■ Raw data:
---
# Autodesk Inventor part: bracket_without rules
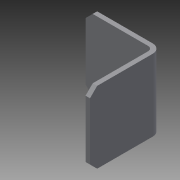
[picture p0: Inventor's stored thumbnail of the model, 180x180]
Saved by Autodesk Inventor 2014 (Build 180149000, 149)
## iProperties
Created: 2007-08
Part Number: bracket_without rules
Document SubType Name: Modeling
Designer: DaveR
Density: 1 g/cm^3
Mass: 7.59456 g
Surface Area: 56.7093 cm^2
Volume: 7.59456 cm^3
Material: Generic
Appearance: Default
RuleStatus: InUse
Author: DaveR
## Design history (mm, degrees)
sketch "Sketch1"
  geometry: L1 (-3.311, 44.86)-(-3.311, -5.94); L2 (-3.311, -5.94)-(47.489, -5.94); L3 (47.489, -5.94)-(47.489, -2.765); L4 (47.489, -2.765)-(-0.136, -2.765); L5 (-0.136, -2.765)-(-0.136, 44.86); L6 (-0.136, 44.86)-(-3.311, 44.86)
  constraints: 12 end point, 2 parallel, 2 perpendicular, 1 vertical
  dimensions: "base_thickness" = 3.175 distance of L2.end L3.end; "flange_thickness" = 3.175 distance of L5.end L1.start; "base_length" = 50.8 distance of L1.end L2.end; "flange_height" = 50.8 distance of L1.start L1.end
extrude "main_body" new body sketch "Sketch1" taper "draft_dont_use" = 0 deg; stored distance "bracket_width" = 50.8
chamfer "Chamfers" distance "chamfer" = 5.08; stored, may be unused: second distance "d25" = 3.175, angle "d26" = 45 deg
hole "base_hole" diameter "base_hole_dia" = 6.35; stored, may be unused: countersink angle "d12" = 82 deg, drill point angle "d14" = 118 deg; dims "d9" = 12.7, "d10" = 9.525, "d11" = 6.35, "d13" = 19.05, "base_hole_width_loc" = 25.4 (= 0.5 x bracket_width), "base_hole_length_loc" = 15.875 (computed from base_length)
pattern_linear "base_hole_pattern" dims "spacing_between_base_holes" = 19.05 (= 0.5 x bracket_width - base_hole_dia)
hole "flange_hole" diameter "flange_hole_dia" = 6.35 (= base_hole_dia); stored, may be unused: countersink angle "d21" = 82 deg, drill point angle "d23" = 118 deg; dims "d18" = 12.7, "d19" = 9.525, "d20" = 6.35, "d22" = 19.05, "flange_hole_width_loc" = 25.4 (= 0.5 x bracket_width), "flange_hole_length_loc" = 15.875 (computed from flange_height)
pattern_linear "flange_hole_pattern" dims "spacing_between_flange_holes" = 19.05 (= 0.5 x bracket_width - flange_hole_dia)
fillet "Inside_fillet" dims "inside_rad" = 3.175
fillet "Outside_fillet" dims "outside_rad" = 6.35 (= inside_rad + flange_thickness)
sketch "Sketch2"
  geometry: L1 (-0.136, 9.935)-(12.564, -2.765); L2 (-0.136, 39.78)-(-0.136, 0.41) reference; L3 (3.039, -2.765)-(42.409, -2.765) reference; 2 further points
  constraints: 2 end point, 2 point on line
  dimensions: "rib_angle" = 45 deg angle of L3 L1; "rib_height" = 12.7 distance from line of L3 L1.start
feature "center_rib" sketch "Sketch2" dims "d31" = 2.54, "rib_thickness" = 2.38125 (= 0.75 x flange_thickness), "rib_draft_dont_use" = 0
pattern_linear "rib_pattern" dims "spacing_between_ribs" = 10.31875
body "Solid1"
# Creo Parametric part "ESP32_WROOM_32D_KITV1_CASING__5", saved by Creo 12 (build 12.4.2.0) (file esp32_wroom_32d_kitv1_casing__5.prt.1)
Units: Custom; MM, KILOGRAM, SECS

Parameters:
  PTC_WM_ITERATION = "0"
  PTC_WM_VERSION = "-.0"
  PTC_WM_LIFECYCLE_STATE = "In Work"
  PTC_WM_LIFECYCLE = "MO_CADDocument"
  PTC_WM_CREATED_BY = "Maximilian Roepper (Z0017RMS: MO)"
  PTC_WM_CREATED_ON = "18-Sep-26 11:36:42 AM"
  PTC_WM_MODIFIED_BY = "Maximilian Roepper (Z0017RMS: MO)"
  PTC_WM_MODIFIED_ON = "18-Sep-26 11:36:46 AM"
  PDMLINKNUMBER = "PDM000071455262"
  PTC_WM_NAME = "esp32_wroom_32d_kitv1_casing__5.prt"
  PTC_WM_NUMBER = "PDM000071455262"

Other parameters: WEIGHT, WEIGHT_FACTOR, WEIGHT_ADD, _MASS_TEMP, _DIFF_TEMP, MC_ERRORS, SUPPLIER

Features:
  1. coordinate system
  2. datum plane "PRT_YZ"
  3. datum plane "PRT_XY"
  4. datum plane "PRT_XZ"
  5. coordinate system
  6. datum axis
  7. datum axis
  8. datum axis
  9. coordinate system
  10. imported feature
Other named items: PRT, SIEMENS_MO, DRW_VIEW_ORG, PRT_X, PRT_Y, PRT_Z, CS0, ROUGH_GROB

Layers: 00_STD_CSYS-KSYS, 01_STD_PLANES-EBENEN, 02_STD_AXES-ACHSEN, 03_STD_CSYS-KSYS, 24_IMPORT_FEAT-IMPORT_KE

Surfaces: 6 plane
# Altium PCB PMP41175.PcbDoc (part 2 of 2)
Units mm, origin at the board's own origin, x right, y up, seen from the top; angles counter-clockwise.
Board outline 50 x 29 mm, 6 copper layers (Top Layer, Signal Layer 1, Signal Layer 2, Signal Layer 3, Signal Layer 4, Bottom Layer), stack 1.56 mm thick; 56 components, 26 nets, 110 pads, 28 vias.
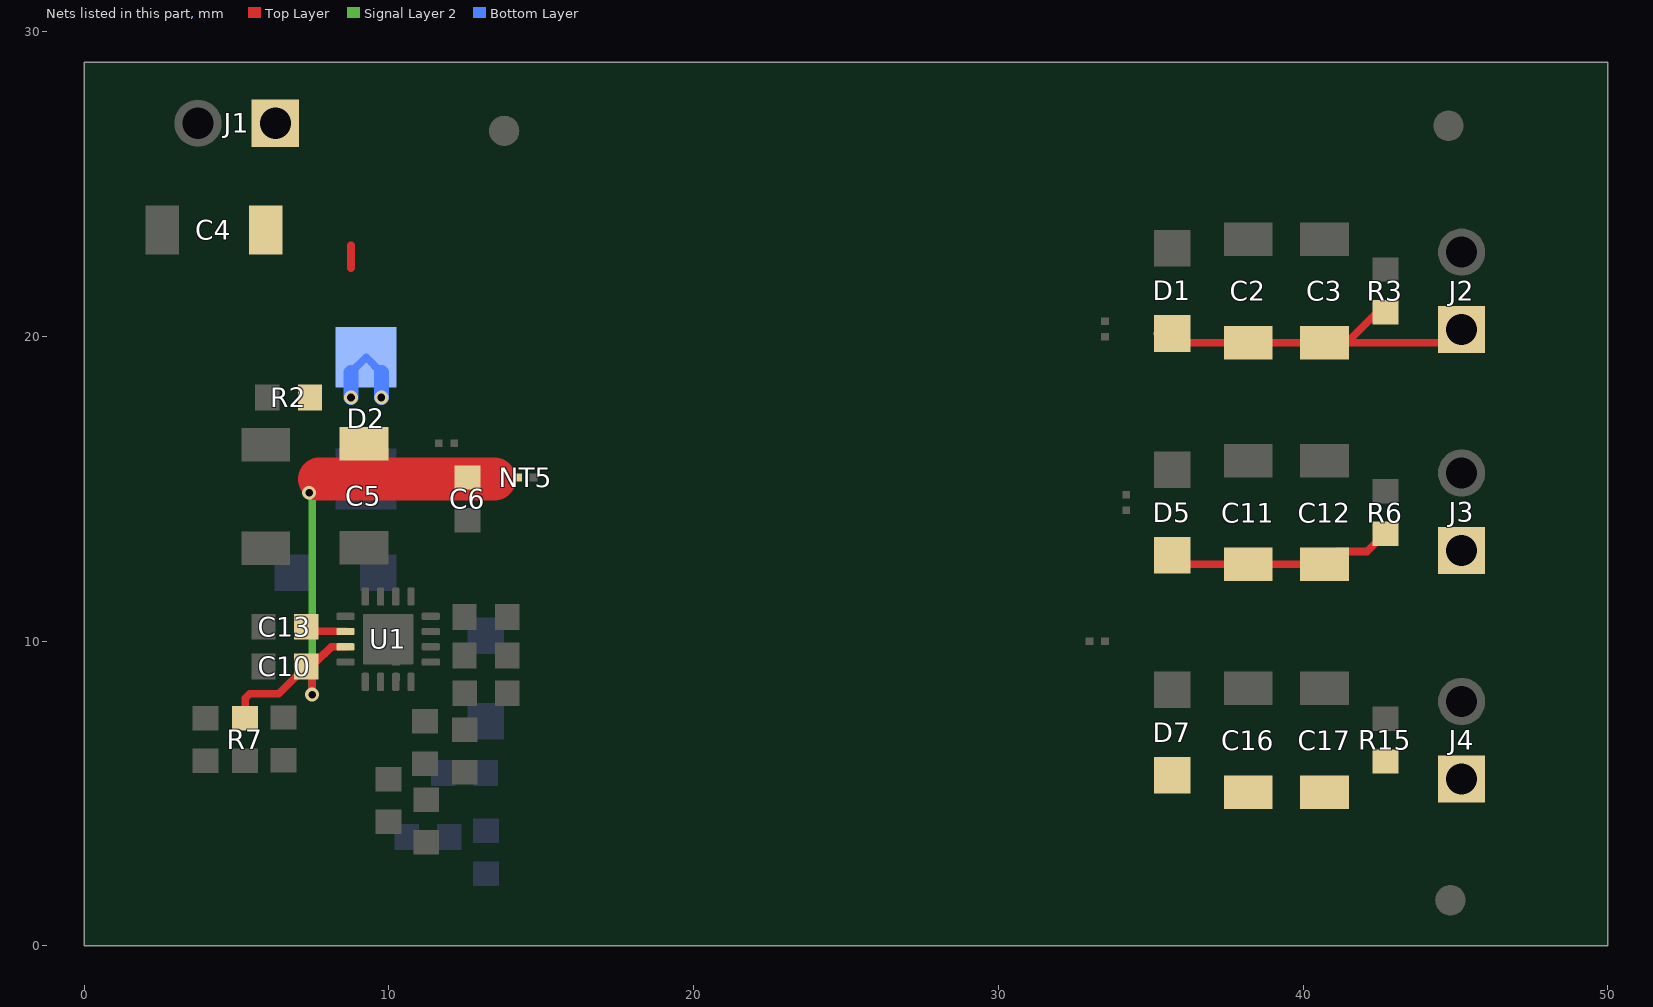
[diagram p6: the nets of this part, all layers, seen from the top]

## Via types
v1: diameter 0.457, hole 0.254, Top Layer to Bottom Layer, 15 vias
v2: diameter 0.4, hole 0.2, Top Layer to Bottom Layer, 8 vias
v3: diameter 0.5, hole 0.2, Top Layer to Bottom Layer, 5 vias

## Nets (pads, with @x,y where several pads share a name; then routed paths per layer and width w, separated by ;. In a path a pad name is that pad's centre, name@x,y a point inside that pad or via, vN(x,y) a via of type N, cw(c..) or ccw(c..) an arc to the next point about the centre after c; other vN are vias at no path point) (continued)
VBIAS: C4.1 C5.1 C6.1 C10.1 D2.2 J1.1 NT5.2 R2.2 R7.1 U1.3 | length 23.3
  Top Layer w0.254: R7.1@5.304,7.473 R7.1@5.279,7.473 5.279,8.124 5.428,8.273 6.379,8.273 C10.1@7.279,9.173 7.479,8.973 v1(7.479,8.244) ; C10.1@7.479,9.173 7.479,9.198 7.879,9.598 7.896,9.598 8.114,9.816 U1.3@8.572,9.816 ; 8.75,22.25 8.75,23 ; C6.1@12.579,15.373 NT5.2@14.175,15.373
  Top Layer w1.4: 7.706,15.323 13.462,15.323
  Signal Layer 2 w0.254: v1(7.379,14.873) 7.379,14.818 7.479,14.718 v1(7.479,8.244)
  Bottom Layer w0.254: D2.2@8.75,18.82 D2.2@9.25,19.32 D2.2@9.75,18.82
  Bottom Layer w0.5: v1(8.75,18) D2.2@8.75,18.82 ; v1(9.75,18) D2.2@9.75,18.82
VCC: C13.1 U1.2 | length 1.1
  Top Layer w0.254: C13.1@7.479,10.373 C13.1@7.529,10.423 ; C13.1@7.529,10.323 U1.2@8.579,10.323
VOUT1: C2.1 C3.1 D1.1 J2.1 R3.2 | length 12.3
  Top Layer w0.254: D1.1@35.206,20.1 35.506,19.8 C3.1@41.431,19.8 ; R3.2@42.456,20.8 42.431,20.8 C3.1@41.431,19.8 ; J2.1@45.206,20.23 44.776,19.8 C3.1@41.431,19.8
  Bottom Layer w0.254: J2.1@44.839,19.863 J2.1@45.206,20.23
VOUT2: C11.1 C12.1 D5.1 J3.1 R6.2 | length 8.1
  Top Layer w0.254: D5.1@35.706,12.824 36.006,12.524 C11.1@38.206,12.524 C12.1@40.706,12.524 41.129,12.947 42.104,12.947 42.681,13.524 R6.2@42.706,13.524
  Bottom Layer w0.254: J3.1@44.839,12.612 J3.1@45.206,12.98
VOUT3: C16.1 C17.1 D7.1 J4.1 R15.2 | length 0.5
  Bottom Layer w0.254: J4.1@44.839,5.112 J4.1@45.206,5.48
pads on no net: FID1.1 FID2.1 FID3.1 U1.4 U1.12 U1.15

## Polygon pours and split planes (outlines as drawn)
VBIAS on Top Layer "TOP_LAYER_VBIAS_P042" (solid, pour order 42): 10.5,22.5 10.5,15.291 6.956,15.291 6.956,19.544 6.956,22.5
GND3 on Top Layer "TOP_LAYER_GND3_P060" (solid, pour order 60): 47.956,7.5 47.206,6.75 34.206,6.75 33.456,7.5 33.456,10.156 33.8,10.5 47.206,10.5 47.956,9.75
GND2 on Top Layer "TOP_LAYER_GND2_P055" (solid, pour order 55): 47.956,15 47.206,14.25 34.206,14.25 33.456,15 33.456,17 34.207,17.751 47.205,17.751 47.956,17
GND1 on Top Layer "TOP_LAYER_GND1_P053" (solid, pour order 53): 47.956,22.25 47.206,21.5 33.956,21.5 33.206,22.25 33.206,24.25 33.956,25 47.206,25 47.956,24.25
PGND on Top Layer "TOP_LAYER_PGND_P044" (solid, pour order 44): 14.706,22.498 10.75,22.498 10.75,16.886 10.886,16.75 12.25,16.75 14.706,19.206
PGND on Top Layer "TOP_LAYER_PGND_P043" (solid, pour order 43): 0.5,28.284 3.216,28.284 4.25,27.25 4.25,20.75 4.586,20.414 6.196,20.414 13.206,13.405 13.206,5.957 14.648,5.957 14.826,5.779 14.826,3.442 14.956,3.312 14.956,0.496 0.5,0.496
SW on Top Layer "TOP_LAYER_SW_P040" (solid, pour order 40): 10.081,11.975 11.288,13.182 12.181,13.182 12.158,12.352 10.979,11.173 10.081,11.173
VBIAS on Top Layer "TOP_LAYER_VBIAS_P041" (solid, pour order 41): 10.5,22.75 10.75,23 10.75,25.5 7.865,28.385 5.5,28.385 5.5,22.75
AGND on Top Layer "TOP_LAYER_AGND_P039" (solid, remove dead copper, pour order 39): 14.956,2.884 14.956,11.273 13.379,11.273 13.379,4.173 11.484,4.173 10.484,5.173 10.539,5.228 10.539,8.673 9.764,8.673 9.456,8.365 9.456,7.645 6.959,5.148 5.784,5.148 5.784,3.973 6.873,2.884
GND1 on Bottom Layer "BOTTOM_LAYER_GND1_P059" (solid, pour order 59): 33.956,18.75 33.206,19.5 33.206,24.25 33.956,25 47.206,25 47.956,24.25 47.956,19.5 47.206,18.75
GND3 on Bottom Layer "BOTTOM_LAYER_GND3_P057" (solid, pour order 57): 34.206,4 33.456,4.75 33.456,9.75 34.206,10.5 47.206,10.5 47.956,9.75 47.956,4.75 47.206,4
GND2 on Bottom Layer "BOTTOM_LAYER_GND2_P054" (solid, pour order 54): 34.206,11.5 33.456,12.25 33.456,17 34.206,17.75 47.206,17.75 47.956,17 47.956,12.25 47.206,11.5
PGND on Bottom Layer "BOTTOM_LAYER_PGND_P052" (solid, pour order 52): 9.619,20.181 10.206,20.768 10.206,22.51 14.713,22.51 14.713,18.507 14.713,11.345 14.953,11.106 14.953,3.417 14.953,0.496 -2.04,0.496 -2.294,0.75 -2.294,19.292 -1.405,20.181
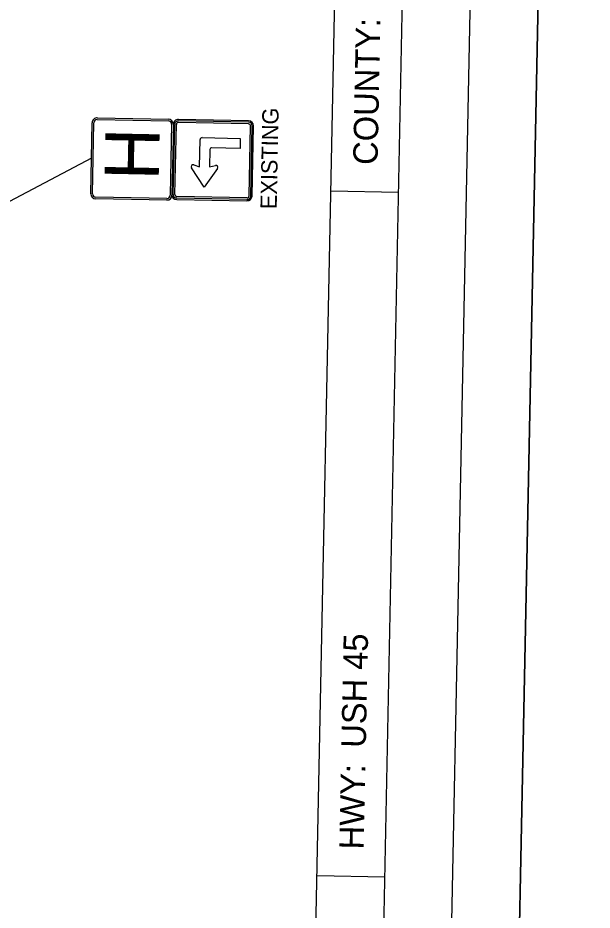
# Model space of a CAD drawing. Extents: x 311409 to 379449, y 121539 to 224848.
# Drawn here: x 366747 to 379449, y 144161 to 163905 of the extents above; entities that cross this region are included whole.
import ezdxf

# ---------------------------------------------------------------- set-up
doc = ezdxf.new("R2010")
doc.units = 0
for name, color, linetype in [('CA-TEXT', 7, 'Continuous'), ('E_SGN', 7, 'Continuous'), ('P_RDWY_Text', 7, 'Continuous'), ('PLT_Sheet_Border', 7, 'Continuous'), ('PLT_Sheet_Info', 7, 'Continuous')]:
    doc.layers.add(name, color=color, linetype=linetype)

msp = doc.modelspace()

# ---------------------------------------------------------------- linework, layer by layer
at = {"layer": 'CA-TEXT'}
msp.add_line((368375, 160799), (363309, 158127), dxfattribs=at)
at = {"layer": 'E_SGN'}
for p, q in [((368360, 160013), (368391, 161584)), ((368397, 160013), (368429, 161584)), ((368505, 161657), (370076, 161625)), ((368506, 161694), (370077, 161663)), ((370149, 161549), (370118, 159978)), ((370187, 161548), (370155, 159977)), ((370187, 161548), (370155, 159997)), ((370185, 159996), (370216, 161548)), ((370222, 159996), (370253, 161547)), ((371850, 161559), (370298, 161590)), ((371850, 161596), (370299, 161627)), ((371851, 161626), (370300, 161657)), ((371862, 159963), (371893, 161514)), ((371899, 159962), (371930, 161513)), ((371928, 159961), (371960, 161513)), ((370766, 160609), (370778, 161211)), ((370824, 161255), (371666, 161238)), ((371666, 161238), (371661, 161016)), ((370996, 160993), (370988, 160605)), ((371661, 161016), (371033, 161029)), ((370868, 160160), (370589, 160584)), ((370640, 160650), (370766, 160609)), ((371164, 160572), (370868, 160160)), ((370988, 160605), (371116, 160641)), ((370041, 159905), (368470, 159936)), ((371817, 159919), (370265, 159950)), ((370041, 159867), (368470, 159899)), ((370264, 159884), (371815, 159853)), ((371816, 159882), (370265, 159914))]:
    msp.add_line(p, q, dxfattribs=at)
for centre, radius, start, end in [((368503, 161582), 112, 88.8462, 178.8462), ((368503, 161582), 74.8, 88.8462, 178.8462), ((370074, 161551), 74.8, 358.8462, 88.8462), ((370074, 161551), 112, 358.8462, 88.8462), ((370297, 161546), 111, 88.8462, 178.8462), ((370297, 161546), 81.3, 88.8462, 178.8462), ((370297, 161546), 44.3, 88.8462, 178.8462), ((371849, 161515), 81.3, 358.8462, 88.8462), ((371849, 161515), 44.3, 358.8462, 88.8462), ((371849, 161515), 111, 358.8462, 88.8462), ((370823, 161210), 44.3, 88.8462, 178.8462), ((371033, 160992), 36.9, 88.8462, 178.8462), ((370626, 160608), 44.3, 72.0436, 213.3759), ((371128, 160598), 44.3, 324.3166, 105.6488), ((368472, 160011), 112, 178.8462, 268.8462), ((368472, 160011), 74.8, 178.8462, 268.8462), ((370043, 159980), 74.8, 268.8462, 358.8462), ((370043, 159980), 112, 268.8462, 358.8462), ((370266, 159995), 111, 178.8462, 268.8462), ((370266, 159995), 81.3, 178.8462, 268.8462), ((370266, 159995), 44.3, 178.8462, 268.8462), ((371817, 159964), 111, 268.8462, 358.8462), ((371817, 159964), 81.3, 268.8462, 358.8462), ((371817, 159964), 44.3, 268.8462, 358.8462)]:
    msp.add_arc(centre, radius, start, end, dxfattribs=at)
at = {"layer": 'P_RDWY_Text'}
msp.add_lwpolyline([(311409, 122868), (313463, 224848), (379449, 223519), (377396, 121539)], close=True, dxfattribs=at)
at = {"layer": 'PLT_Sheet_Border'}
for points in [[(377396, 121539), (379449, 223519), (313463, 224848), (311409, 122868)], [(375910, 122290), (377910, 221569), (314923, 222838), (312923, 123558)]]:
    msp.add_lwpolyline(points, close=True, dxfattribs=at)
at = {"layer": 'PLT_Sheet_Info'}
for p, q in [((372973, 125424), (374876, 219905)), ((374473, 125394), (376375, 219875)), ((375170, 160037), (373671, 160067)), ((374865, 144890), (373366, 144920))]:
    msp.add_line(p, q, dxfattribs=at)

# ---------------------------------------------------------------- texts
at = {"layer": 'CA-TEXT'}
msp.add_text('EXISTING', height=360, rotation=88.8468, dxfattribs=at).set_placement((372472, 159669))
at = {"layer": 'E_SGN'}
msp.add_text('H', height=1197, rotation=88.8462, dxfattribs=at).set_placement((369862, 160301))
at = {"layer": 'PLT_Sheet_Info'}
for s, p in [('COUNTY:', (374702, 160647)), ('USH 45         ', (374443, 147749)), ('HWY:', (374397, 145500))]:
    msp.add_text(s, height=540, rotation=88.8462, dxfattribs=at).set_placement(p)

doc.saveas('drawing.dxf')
---
■ About this exercise:
Give the number of lines in the records that hold the word "rotation", with no other words.

■ Response area:
3